BEGIN

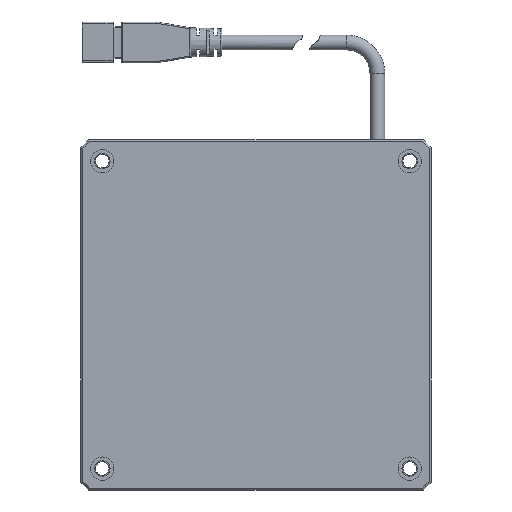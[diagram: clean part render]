
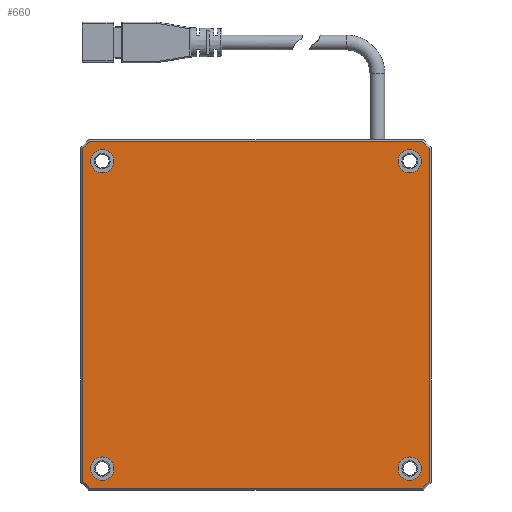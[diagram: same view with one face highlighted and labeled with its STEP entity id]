
A CAD part, front view. The second image highlights one B-rep face of the part: STEP entity #660.
In plain terms, the highlighted planar face has unit normal (0, -1, 0).
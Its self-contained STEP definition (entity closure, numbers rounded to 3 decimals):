
#1=DIRECTION('',(-0.707,0.,-0.707));
#2=VECTOR('',#1,2.414);
#3=CARTESIAN_POINT('',(-42.793,0.,44.5));
#4=LINE('',#3,#2);
#5=DIRECTION('',(-1.,0.,0.));
#6=VECTOR('',#5,85.586);
#7=CARTESIAN_POINT('',(42.793,0.,44.5));
#8=LINE('',#7,#6);
#9=DIRECTION('',(-0.707,0.,0.707));
#10=VECTOR('',#9,2.414);
#11=CARTESIAN_POINT('',(44.5,0.,42.793));
#12=LINE('',#11,#10);
#13=DIRECTION('',(0.,0.,1.));
#14=VECTOR('',#13,85.586);
#15=CARTESIAN_POINT('',(44.5,0.,-42.793));
#16=LINE('',#15,#14);
#17=DIRECTION('',(0.707,0.,0.707));
#18=VECTOR('',#17,2.414);
#19=CARTESIAN_POINT('',(42.793,0.,-44.5));
#20=LINE('',#19,#18);
#21=DIRECTION('',(1.,0.,0.));
#22=VECTOR('',#21,85.586);
#23=CARTESIAN_POINT('',(-42.793,0.,-44.5));
#24=LINE('',#23,#22);
#25=DIRECTION('',(0.707,0.,-0.707));
#26=VECTOR('',#25,2.414);
#27=CARTESIAN_POINT('',(-44.5,0.,-42.793));
#28=LINE('',#27,#26);
#29=DIRECTION('',(0.,0.,-1.));
#30=VECTOR('',#29,85.586);
#31=CARTESIAN_POINT('',(-44.5,0.,42.793));
#32=LINE('',#31,#30);
#33=CARTESIAN_POINT('',(-39.5,0.,-39.5));
#34=DIRECTION('',(0.,1.,0.));
#35=DIRECTION('',(-1.,0.,0.));
#36=AXIS2_PLACEMENT_3D('',#33,#34,#35);
#38=CARTESIAN_POINT('',(-39.5,0.,-39.5));
#39=DIRECTION('',(0.,1.,0.));
#40=DIRECTION('',(1.,0.,0.));
#41=AXIS2_PLACEMENT_3D('',#38,#39,#40);
#43=CARTESIAN_POINT('',(-39.5,0.,39.5));
#44=DIRECTION('',(0.,1.,0.));
#45=DIRECTION('',(0.,0.,1.));
#46=AXIS2_PLACEMENT_3D('',#43,#44,#45);
#48=CARTESIAN_POINT('',(-39.5,0.,39.5));
#49=DIRECTION('',(0.,1.,0.));
#50=DIRECTION('',(0.,0.,-1.));
#51=AXIS2_PLACEMENT_3D('',#48,#49,#50);
#53=CARTESIAN_POINT('',(39.5,0.,39.5));
#54=DIRECTION('',(0.,1.,0.));
#55=DIRECTION('',(1.,0.,0.));
#56=AXIS2_PLACEMENT_3D('',#53,#54,#55);
#58=CARTESIAN_POINT('',(39.5,0.,39.5));
#59=DIRECTION('',(0.,1.,0.));
#60=DIRECTION('',(-1.,0.,0.));
#61=AXIS2_PLACEMENT_3D('',#58,#59,#60);
#63=CARTESIAN_POINT('',(39.5,0.,-39.5));
#64=DIRECTION('',(0.,1.,0.));
#65=DIRECTION('',(0.,0.,-1.));
#66=AXIS2_PLACEMENT_3D('',#63,#64,#65);
#68=CARTESIAN_POINT('',(39.5,0.,-39.5));
#69=DIRECTION('',(0.,1.,0.));
#70=DIRECTION('',(0.,0.,1.));
#71=AXIS2_PLACEMENT_3D('',#68,#69,#70);
#477=CARTESIAN_POINT('',(-44.5,0.,42.793));
#479=VERTEX_POINT('',#477);
#483=CARTESIAN_POINT('',(-42.793,0.,44.5));
#484=VERTEX_POINT('',#483);
#487=CARTESIAN_POINT('',(42.793,0.,44.5));
#488=VERTEX_POINT('',#487);
#489=CARTESIAN_POINT('',(44.5,0.,42.793));
#490=VERTEX_POINT('',#489);
#495=CARTESIAN_POINT('',(44.5,0.,-42.793));
#496=VERTEX_POINT('',#495);
#497=CARTESIAN_POINT('',(42.793,0.,-44.5));
#498=VERTEX_POINT('',#497);
#503=CARTESIAN_POINT('',(-42.793,0.,-44.5));
#504=VERTEX_POINT('',#503);
#506=CARTESIAN_POINT('',(-44.5,0.,-42.793));
#508=VERTEX_POINT('',#506);
#545=CARTESIAN_POINT('',(-42.5,0.,-39.5));
#546=CARTESIAN_POINT('',(-36.5,0.,-39.5));
#547=VERTEX_POINT('',#545);
#548=VERTEX_POINT('',#546);
#561=CARTESIAN_POINT('',(-39.5,0.,42.5));
#562=VERTEX_POINT('',#561);
#563=CARTESIAN_POINT('',(-39.5,0.,36.5));
#564=VERTEX_POINT('',#563);
#577=CARTESIAN_POINT('',(42.5,0.,39.5));
#578=VERTEX_POINT('',#577);
#579=CARTESIAN_POINT('',(36.5,0.,39.5));
#580=VERTEX_POINT('',#579);
#593=CARTESIAN_POINT('',(39.5,0.,-42.5));
#594=VERTEX_POINT('',#593);
#595=CARTESIAN_POINT('',(39.5,0.,-36.5));
#596=VERTEX_POINT('',#595);
#613=CARTESIAN_POINT('',(0.,0.,0.));
#614=DIRECTION('',(0.,1.,0.));
#615=DIRECTION('',(1.,0.,0.));
#616=AXIS2_PLACEMENT_3D('',#613,#614,#615);
#617=PLANE('',#616);
#619=ORIENTED_EDGE('',*,*,#618,.F.);
#621=ORIENTED_EDGE('',*,*,#620,.F.);
#623=ORIENTED_EDGE('',*,*,#622,.F.);
#625=ORIENTED_EDGE('',*,*,#624,.F.);
#627=ORIENTED_EDGE('',*,*,#626,.F.);
#629=ORIENTED_EDGE('',*,*,#628,.F.);
#631=ORIENTED_EDGE('',*,*,#630,.F.);
#633=ORIENTED_EDGE('',*,*,#632,.F.);
#634=EDGE_LOOP('',(#619,#621,#623,#625,#627,#629,#631,#633));
#635=FACE_OUTER_BOUND('',#634,.F.);
#637=ORIENTED_EDGE('',*,*,#636,.F.);
#639=ORIENTED_EDGE('',*,*,#638,.F.);
#640=EDGE_LOOP('',(#637,#639));
#641=FACE_BOUND('',#640,.F.);
#643=ORIENTED_EDGE('',*,*,#642,.F.);
#645=ORIENTED_EDGE('',*,*,#644,.F.);
#646=EDGE_LOOP('',(#643,#645));
#647=FACE_BOUND('',#646,.F.);
#649=ORIENTED_EDGE('',*,*,#648,.F.);
#651=ORIENTED_EDGE('',*,*,#650,.F.);
#652=EDGE_LOOP('',(#649,#651));
#653=FACE_BOUND('',#652,.F.);
#655=ORIENTED_EDGE('',*,*,#654,.F.);
#657=ORIENTED_EDGE('',*,*,#656,.F.);
#658=EDGE_LOOP('',(#655,#657));
#659=FACE_BOUND('',#658,.F.);
#660=ADVANCED_FACE('',(#635,#641,#647,#653,#659),#617,.F.);
#37=CIRCLE('',#36,3.);
#42=CIRCLE('',#41,3.);
#47=CIRCLE('',#46,3.);
#52=CIRCLE('',#51,3.);
#57=CIRCLE('',#56,3.);
#62=CIRCLE('',#61,3.);
#67=CIRCLE('',#66,3.);
#72=CIRCLE('',#71,3.);
#618=EDGE_CURVE('',#484,#479,#4,.T.);
#620=EDGE_CURVE('',#488,#484,#8,.T.);
#622=EDGE_CURVE('',#490,#488,#12,.T.);
#624=EDGE_CURVE('',#496,#490,#16,.T.);
#626=EDGE_CURVE('',#498,#496,#20,.T.);
#628=EDGE_CURVE('',#504,#498,#24,.T.);
#630=EDGE_CURVE('',#508,#504,#28,.T.);
#632=EDGE_CURVE('',#479,#508,#32,.T.);
#636=EDGE_CURVE('',#547,#548,#37,.T.);
#638=EDGE_CURVE('',#548,#547,#42,.T.);
#642=EDGE_CURVE('',#562,#564,#47,.T.);
#644=EDGE_CURVE('',#564,#562,#52,.T.);
#648=EDGE_CURVE('',#578,#580,#57,.T.);
#650=EDGE_CURVE('',#580,#578,#62,.T.);
#654=EDGE_CURVE('',#594,#596,#67,.T.);
#656=EDGE_CURVE('',#596,#594,#72,.T.);

END

WORK REQUIRED: Could you return exactly the lines above from the line with "#629=ORIENTED_EDGE('',*,*,#628,.F.);" to the line with "#642=EDGE_CURVE('',#562,#564,#47,.T.);", both included, and nothing else?

ANSWER FOR THE TASK:
#629=ORIENTED_EDGE('',*,*,#628,.F.);
#631=ORIENTED_EDGE('',*,*,#630,.F.);
#633=ORIENTED_EDGE('',*,*,#632,.F.);
#634=EDGE_LOOP('',(#619,#621,#623,#625,#627,#629,#631,#633));
#635=FACE_OUTER_BOUND('',#634,.F.);
#637=ORIENTED_EDGE('',*,*,#636,.F.);
#639=ORIENTED_EDGE('',*,*,#638,.F.);
#640=EDGE_LOOP('',(#637,#639));
#641=FACE_BOUND('',#640,.F.);
#643=ORIENTED_EDGE('',*,*,#642,.F.);
#645=ORIENTED_EDGE('',*,*,#644,.F.);
#646=EDGE_LOOP('',(#643,#645));
#647=FACE_BOUND('',#646,.F.);
#649=ORIENTED_EDGE('',*,*,#648,.F.);
#651=ORIENTED_EDGE('',*,*,#650,.F.);
#652=EDGE_LOOP('',(#649,#651));
#653=FACE_BOUND('',#652,.F.);
#655=ORIENTED_EDGE('',*,*,#654,.F.);
#657=ORIENTED_EDGE('',*,*,#656,.F.);
#658=EDGE_LOOP('',(#655,#657));
#659=FACE_BOUND('',#658,.F.);
#660=ADVANCED_FACE('',(#635,#641,#647,#653,#659),#617,.F.);
#37=CIRCLE('',#36,3.);
#42=CIRCLE('',#41,3.);
#47=CIRCLE('',#46,3.);
#52=CIRCLE('',#51,3.);
#57=CIRCLE('',#56,3.);
#62=CIRCLE('',#61,3.);
#67=CIRCLE('',#66,3.);
#72=CIRCLE('',#71,3.);
#618=EDGE_CURVE('',#484,#479,#4,.T.);
#620=EDGE_CURVE('',#488,#484,#8,.T.);
#622=EDGE_CURVE('',#490,#488,#12,.T.);
#624=EDGE_CURVE('',#496,#490,#16,.T.);
#626=EDGE_CURVE('',#498,#496,#20,.T.);
#628=EDGE_CURVE('',#504,#498,#24,.T.);
#630=EDGE_CURVE('',#508,#504,#28,.T.);
#632=EDGE_CURVE('',#479,#508,#32,.T.);
#636=EDGE_CURVE('',#547,#548,#37,.T.);
#638=EDGE_CURVE('',#548,#547,#42,.T.);
#642=EDGE_CURVE('',#562,#564,#47,.T.);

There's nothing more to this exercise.